**YOUR ASSIGNMENT**
Copy all lines in the data that contain the string "length".

**EXERCISE MATERIALS**
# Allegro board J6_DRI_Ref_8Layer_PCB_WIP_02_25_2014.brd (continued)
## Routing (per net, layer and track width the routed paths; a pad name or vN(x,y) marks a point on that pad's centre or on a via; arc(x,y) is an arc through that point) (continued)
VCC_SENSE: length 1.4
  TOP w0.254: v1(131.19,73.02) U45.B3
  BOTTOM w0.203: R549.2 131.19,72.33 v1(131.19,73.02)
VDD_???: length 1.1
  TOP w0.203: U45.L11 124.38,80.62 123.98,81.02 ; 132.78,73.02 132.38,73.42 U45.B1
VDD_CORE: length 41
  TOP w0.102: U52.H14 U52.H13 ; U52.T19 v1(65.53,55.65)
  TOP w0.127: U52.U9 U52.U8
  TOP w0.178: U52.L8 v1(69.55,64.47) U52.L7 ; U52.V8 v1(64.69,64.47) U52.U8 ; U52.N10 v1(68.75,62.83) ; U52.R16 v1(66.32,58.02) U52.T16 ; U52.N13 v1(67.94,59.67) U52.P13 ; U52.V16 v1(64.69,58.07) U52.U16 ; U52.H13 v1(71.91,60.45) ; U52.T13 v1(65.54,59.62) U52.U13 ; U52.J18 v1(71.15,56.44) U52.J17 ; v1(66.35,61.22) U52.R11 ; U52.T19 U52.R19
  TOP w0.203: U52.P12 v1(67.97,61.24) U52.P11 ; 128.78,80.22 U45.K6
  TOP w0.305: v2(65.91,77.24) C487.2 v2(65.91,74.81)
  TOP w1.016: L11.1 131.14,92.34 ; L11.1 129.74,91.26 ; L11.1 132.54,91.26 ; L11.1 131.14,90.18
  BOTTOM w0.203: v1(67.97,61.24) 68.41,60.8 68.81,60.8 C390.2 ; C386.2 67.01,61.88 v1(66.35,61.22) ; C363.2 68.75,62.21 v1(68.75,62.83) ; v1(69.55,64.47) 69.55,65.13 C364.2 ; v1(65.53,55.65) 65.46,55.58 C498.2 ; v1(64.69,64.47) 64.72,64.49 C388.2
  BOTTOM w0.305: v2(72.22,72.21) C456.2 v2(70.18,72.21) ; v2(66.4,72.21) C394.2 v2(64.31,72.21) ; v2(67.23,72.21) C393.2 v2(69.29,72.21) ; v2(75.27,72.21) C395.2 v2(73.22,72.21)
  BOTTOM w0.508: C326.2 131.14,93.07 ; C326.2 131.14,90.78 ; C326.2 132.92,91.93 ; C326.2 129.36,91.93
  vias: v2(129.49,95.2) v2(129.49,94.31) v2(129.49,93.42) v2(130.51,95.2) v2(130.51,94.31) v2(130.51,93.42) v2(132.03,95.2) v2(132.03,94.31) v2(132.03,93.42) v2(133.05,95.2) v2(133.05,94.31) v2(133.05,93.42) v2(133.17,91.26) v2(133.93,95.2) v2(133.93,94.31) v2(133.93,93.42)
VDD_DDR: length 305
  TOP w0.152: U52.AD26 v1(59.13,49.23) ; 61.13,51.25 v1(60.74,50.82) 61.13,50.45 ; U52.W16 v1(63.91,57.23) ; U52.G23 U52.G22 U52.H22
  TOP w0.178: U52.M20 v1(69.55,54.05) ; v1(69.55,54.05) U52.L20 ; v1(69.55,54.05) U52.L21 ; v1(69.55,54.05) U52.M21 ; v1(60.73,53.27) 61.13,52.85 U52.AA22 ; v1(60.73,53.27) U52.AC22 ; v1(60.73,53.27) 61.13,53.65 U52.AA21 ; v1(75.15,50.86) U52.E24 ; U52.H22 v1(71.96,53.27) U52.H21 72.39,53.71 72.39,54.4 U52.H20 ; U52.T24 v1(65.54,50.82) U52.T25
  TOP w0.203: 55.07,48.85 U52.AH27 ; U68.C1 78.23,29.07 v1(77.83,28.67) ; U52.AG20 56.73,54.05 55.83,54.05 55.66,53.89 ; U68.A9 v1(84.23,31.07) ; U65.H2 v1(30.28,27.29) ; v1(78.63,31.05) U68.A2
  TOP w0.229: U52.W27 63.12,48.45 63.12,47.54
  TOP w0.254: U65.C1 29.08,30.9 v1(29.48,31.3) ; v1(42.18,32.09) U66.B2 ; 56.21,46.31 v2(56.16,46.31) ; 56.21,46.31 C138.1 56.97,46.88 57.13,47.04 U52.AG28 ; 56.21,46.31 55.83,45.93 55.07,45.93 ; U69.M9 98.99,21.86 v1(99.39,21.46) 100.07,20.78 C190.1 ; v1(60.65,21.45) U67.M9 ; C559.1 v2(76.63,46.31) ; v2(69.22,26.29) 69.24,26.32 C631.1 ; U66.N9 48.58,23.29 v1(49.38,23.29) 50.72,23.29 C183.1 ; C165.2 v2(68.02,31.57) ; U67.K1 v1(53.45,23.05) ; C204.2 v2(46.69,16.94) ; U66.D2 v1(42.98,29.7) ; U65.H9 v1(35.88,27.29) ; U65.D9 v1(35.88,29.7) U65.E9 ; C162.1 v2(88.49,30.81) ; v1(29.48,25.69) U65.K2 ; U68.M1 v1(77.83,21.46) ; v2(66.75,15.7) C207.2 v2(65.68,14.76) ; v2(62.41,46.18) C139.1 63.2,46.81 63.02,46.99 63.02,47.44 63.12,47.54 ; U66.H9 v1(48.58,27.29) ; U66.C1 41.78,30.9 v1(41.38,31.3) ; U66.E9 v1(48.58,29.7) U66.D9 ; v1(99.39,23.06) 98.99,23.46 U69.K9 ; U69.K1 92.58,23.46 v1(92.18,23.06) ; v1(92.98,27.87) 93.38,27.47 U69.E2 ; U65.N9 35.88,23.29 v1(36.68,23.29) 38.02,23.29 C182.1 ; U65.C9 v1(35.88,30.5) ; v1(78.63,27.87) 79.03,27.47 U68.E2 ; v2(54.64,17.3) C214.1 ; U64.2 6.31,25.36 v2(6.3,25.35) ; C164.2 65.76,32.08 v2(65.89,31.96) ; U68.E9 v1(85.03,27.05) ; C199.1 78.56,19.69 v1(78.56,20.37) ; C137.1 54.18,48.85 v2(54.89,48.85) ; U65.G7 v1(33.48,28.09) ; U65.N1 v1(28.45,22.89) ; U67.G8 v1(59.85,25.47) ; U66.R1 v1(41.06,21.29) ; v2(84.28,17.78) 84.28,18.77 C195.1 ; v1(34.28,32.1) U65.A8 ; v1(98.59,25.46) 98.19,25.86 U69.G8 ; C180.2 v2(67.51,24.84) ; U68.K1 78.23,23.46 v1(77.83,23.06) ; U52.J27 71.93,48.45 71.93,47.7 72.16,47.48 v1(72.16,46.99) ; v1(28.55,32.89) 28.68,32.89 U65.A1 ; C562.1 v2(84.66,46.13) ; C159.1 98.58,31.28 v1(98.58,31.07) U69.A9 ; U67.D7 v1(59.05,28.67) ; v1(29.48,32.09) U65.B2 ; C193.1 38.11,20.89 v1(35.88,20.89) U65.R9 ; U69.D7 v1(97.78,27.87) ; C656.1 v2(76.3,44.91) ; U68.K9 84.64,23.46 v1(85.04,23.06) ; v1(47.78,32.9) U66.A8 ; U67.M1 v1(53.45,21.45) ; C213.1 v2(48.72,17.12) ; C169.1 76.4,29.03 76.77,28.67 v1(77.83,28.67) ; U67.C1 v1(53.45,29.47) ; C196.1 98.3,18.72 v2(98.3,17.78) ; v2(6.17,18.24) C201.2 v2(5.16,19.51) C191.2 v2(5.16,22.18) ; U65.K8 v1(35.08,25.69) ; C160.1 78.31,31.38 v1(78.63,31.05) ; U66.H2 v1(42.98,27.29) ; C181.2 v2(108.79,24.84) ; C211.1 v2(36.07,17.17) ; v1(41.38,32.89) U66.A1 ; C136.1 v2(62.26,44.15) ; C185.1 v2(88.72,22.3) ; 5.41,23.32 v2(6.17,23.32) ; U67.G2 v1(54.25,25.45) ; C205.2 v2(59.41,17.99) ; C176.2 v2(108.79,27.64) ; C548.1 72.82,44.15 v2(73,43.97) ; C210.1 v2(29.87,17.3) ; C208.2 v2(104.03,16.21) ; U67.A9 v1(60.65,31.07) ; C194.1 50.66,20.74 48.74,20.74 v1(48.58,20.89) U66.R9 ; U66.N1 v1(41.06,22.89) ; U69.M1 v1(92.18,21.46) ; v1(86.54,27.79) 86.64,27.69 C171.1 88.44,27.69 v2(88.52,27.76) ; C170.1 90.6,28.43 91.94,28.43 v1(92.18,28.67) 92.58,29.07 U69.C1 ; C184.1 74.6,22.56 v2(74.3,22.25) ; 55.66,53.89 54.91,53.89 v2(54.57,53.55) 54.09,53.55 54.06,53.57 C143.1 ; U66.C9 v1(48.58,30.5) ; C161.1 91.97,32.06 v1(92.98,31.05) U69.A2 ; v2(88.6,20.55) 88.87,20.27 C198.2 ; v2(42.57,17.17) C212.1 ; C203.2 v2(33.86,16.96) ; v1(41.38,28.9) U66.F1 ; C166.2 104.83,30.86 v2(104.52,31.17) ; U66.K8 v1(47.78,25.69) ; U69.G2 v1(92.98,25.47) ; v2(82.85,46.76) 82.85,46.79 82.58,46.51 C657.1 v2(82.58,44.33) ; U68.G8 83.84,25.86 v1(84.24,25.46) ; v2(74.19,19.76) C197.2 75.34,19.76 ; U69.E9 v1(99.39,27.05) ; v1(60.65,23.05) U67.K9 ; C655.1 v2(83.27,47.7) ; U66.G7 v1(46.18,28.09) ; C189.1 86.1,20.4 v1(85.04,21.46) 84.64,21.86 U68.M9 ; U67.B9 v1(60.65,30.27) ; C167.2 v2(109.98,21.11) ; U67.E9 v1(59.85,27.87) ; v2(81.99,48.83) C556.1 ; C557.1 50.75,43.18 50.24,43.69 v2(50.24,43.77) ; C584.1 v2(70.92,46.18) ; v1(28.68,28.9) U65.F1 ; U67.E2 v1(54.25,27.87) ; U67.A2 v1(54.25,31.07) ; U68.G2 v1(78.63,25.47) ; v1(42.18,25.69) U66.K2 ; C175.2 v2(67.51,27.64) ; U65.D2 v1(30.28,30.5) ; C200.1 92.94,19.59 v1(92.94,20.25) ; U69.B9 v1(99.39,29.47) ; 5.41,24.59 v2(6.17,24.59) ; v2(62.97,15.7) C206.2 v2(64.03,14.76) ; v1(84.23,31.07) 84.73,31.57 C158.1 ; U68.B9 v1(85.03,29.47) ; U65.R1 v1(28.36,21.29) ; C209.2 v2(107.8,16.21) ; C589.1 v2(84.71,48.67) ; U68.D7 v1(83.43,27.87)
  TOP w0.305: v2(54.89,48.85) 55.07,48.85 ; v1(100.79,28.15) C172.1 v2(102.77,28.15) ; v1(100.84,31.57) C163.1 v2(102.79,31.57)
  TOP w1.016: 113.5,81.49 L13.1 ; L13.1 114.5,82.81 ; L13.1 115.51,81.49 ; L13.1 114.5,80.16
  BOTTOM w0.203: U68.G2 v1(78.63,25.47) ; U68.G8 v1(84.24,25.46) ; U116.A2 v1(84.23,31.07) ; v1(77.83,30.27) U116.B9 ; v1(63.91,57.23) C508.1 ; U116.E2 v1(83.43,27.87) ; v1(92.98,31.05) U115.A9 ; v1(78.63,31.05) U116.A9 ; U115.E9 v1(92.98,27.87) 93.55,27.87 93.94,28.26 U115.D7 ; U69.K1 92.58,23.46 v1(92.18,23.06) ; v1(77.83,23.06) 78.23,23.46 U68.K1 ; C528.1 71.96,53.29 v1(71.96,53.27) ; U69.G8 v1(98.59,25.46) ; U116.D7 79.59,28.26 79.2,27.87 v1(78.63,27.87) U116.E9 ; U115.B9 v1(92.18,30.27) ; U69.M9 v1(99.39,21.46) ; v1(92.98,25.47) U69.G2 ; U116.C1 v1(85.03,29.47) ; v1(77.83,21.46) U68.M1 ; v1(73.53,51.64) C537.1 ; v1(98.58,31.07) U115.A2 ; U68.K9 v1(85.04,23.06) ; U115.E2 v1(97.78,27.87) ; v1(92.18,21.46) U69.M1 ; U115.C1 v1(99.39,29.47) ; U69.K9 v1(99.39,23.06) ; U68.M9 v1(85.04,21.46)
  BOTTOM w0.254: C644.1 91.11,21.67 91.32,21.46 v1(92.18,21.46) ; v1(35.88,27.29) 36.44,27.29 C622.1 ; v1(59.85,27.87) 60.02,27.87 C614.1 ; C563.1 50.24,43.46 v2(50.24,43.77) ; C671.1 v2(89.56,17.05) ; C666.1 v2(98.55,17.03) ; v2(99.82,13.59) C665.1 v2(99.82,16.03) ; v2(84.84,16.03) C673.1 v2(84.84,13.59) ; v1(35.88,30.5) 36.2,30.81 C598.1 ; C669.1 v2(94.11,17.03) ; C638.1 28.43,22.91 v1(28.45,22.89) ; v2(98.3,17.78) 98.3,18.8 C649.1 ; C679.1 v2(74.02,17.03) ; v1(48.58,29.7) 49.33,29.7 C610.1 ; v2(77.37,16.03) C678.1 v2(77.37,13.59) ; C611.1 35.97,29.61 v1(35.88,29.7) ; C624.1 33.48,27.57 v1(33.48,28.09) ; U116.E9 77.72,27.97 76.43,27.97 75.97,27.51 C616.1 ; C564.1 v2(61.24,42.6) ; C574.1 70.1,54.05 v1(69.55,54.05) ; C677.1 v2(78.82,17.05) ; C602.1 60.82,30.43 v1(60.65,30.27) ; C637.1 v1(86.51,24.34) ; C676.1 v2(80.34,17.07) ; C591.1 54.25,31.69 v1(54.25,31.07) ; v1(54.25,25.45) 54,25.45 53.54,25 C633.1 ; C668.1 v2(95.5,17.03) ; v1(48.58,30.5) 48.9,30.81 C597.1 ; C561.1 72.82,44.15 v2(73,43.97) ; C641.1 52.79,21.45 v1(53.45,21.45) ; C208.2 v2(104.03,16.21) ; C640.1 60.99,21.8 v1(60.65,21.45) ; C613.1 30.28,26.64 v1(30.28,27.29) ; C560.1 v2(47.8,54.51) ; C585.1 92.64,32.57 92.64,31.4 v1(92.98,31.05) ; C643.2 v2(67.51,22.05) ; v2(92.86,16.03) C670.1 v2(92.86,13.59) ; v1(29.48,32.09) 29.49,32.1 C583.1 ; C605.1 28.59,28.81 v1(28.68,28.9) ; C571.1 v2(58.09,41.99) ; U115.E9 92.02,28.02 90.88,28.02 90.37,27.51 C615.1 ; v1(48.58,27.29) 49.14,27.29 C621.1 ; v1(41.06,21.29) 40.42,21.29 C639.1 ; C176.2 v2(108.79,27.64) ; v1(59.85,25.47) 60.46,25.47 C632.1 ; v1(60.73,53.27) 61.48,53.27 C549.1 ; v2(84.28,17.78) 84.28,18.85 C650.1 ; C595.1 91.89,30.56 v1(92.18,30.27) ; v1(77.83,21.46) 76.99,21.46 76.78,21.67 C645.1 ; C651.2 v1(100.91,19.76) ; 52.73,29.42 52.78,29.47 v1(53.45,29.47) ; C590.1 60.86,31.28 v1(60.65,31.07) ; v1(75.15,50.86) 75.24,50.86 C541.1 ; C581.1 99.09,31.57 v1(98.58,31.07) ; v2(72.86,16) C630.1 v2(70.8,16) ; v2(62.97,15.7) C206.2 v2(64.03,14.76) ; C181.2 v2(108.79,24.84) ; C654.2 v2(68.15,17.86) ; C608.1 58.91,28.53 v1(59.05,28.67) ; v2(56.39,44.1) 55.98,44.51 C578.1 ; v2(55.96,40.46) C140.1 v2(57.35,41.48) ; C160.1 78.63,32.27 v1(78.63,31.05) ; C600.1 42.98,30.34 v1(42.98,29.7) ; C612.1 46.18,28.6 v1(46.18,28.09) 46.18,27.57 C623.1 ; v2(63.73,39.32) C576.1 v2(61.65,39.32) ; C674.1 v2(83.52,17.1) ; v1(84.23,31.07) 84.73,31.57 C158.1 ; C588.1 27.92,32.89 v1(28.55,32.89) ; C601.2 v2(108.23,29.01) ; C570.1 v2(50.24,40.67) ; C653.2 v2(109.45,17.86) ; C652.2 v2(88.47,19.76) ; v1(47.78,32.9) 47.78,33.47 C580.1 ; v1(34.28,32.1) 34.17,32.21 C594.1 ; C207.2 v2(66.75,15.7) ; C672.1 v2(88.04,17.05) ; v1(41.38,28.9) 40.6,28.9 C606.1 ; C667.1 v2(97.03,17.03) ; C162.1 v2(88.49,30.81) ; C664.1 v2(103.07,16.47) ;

**THE ANSWER**
VCC_SENSE: length 1.4
VDD_???: length 1.1
VDD_CORE: length 41
VDD_DDR: length 305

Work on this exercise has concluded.